§ **Task objective**: From the first line of the entries below through the line holding "0 10303 214", write out every line exactly, please, and leave out the pictures.

§ **Records supplied**:

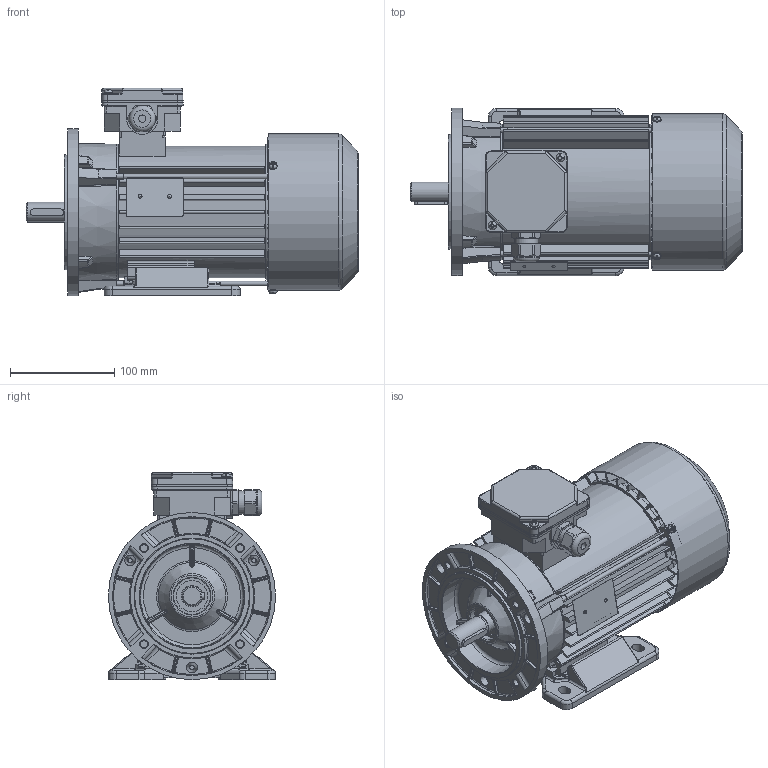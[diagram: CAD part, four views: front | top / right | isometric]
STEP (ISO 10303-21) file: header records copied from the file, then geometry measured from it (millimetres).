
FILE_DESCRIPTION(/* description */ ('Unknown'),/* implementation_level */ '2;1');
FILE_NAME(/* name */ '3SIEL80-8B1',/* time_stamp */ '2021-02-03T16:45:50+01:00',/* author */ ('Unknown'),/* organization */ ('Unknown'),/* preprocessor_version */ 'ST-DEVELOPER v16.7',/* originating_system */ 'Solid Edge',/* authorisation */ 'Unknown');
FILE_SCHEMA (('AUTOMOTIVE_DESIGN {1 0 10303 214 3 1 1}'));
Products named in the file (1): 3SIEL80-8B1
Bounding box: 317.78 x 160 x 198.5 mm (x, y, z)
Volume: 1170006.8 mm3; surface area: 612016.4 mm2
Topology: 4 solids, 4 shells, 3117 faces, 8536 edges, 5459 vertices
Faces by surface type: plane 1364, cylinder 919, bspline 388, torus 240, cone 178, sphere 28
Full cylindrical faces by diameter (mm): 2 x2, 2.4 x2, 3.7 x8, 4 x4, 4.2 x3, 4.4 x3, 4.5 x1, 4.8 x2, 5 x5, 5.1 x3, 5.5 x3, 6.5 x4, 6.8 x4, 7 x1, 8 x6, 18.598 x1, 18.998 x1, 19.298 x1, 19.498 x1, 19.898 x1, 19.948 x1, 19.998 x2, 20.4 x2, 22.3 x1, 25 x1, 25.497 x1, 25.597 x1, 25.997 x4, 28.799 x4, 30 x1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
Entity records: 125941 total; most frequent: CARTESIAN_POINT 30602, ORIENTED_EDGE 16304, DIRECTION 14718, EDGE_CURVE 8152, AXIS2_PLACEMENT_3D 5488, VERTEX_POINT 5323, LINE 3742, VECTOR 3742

§ **Your solution**:
[diagram: CAD part, four views: front | top / right | isometric]
STEP (ISO 10303-21) file: header records copied from the file, then geometry measured from it (millimetres).
FILE_DESCRIPTION(/* description */ ('Unknown'),/* implementation_level */ '2;1');
FILE_NAME(/* name */ '3SIEL80-8B1',/* time_stamp */ '2021-02-03T16:45:50+01:00',/* author */ ('Unknown'),/* organization */ ('Unknown'),/* preprocessor_version */ 'ST-DEVELOPER v16.7',/* originating_system */ 'Solid Edge',/* authorisation */ 'Unknown');
FILE_SCHEMA (('AUTOMOTIVE_DESIGN {1 0 10303 214 3 1 1}'));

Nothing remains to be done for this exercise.